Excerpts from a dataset
|---|
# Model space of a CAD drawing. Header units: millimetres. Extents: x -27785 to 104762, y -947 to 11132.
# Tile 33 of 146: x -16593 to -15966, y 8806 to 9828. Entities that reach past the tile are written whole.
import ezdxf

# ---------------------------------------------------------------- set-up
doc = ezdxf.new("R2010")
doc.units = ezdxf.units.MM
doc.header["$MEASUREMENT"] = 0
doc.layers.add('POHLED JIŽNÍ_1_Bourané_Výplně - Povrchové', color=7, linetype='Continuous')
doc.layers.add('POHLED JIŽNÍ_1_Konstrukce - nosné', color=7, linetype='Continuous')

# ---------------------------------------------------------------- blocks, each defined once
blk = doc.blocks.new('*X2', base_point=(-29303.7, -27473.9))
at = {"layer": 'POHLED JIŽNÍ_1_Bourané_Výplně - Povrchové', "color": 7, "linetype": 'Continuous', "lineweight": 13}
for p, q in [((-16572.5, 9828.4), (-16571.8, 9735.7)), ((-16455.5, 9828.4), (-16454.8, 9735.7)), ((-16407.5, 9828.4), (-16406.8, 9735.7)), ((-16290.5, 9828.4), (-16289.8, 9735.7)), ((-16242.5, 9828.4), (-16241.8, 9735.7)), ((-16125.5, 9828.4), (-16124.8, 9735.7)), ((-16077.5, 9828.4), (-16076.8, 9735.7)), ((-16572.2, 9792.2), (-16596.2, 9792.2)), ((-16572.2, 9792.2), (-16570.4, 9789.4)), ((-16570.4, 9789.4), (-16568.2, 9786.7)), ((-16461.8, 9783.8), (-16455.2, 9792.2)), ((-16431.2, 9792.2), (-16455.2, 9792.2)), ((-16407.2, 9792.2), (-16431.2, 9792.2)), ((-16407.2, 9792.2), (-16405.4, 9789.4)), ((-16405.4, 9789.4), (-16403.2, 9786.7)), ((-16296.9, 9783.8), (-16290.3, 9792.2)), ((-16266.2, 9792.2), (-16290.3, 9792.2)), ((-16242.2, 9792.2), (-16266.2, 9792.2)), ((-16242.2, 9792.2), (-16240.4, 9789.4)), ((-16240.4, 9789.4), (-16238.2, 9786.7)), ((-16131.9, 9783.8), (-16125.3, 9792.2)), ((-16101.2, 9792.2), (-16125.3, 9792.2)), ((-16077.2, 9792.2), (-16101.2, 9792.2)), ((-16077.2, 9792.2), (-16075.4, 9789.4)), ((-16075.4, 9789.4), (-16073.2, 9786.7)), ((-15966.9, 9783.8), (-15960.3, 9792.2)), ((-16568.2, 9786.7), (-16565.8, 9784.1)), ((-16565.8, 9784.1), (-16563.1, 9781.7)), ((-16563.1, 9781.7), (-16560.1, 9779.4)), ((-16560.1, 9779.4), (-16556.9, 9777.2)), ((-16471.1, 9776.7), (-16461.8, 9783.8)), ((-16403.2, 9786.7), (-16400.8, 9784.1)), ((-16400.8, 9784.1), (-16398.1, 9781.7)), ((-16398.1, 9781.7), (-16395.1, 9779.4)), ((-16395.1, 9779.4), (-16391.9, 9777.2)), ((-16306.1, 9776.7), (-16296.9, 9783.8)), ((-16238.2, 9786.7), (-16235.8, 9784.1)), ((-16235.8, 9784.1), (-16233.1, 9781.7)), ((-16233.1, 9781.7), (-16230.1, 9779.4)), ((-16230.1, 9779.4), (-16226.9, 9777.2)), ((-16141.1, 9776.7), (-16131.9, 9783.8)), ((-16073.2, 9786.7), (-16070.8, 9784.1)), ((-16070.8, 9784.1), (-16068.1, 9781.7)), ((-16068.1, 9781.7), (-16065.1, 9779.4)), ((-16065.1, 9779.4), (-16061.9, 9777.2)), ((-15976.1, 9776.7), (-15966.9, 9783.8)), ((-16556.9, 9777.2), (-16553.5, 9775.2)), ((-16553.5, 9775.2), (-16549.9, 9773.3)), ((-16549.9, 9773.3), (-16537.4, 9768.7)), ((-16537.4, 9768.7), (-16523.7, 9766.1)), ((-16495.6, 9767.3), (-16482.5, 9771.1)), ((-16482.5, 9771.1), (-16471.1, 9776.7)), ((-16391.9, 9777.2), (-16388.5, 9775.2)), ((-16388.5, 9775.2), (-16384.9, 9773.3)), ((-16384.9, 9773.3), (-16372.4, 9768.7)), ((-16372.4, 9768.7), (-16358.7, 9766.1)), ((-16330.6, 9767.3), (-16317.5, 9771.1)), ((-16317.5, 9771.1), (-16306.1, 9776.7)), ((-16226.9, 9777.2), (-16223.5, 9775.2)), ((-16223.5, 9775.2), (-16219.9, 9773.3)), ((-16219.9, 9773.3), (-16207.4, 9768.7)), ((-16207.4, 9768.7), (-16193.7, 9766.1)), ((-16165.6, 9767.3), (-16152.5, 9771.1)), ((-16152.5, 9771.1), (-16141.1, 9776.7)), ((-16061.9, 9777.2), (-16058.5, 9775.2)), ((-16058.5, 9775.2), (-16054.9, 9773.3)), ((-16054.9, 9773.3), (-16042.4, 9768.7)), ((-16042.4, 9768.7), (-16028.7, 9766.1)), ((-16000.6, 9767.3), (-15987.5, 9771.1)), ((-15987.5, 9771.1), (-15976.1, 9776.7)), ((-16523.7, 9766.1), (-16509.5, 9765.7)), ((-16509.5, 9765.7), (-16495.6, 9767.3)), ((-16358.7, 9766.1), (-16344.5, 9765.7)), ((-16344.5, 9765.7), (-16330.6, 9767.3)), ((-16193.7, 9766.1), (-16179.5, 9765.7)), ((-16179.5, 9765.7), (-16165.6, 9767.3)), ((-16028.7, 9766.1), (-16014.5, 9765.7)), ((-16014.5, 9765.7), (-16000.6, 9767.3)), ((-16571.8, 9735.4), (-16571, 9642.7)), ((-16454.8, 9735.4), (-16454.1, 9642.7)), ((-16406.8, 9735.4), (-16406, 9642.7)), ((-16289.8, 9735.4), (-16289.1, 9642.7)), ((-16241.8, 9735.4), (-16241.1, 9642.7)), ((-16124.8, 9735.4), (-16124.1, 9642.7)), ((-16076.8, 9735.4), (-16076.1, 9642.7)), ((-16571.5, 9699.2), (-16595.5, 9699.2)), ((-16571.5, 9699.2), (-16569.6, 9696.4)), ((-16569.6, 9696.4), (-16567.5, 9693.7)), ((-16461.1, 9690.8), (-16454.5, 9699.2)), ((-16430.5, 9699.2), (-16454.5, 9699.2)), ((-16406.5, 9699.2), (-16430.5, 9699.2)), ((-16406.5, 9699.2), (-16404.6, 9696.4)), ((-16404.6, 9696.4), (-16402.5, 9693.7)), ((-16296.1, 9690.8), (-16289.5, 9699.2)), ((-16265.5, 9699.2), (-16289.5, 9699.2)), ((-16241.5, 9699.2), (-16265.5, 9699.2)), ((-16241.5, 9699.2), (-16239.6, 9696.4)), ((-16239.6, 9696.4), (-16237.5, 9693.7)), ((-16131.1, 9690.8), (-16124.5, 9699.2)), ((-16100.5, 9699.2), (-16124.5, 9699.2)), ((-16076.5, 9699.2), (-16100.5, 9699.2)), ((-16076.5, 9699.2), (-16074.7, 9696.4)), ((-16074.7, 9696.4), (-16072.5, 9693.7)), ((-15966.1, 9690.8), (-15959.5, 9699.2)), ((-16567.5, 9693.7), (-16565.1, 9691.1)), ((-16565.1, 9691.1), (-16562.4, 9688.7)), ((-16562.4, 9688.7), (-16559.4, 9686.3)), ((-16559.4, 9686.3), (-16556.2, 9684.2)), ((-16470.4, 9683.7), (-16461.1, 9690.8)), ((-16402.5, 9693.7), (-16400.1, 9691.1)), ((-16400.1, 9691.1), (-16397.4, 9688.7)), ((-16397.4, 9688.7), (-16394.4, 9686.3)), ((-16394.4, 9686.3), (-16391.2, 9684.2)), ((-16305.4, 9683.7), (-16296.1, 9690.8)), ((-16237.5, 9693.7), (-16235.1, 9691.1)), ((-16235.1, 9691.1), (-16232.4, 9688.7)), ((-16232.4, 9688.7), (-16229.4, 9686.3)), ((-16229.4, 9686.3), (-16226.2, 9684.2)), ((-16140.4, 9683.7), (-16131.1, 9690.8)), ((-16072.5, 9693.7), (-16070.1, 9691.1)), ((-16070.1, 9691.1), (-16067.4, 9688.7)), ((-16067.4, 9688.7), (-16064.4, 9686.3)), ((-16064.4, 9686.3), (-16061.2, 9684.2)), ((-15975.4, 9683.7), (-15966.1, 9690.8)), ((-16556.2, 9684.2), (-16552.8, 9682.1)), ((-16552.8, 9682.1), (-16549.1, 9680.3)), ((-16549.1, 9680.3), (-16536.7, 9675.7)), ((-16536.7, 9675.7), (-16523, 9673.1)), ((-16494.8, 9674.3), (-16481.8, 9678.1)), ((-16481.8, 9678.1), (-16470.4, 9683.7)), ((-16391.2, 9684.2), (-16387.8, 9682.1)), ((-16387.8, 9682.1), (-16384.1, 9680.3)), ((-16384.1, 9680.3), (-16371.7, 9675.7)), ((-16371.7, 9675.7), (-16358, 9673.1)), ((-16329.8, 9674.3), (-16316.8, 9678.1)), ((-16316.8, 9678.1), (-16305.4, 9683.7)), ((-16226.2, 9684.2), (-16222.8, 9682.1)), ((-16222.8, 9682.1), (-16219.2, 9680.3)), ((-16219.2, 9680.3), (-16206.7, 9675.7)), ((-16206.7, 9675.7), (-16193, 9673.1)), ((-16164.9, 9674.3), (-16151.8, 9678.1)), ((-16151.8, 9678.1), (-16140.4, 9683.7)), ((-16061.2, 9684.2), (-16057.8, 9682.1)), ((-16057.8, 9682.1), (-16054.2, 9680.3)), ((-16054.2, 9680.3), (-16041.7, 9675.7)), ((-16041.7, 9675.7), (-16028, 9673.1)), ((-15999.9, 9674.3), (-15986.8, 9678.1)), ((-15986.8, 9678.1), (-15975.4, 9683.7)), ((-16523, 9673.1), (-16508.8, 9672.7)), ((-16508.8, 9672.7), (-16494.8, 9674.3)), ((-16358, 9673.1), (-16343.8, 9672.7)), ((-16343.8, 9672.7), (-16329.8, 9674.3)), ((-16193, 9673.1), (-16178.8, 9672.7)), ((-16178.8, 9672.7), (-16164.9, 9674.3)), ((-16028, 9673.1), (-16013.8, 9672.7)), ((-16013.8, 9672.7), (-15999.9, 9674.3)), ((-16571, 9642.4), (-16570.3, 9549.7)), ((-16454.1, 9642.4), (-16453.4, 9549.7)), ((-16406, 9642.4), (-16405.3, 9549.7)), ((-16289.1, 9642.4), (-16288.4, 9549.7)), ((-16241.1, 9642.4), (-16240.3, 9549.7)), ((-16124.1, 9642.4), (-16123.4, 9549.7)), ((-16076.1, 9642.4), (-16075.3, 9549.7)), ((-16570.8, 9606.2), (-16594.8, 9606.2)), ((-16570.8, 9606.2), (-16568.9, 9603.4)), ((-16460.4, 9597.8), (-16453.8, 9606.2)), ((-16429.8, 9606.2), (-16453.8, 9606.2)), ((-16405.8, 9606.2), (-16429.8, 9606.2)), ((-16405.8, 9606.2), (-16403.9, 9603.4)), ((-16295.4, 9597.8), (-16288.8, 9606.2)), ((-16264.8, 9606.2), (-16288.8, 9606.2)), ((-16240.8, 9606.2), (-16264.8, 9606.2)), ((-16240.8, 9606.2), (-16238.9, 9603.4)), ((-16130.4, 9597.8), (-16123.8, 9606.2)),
|---|
### Aim of the task
Retype only this portion of the data above: the line containing "import ezdxf", the line containing "Povrchové', color=7, linetype='Continuous')", and all lines between them, exactly.

### Response box
import ezdxf

# ---------------------------------------------------------------- set-up
doc = ezdxf.new("R2010")
doc.units = ezdxf.units.MM
doc.header["$MEASUREMENT"] = 0
doc.layers.add('POHLED JIŽNÍ_1_Bourané_Výplně - Povrchové', color=7, linetype='Continuous')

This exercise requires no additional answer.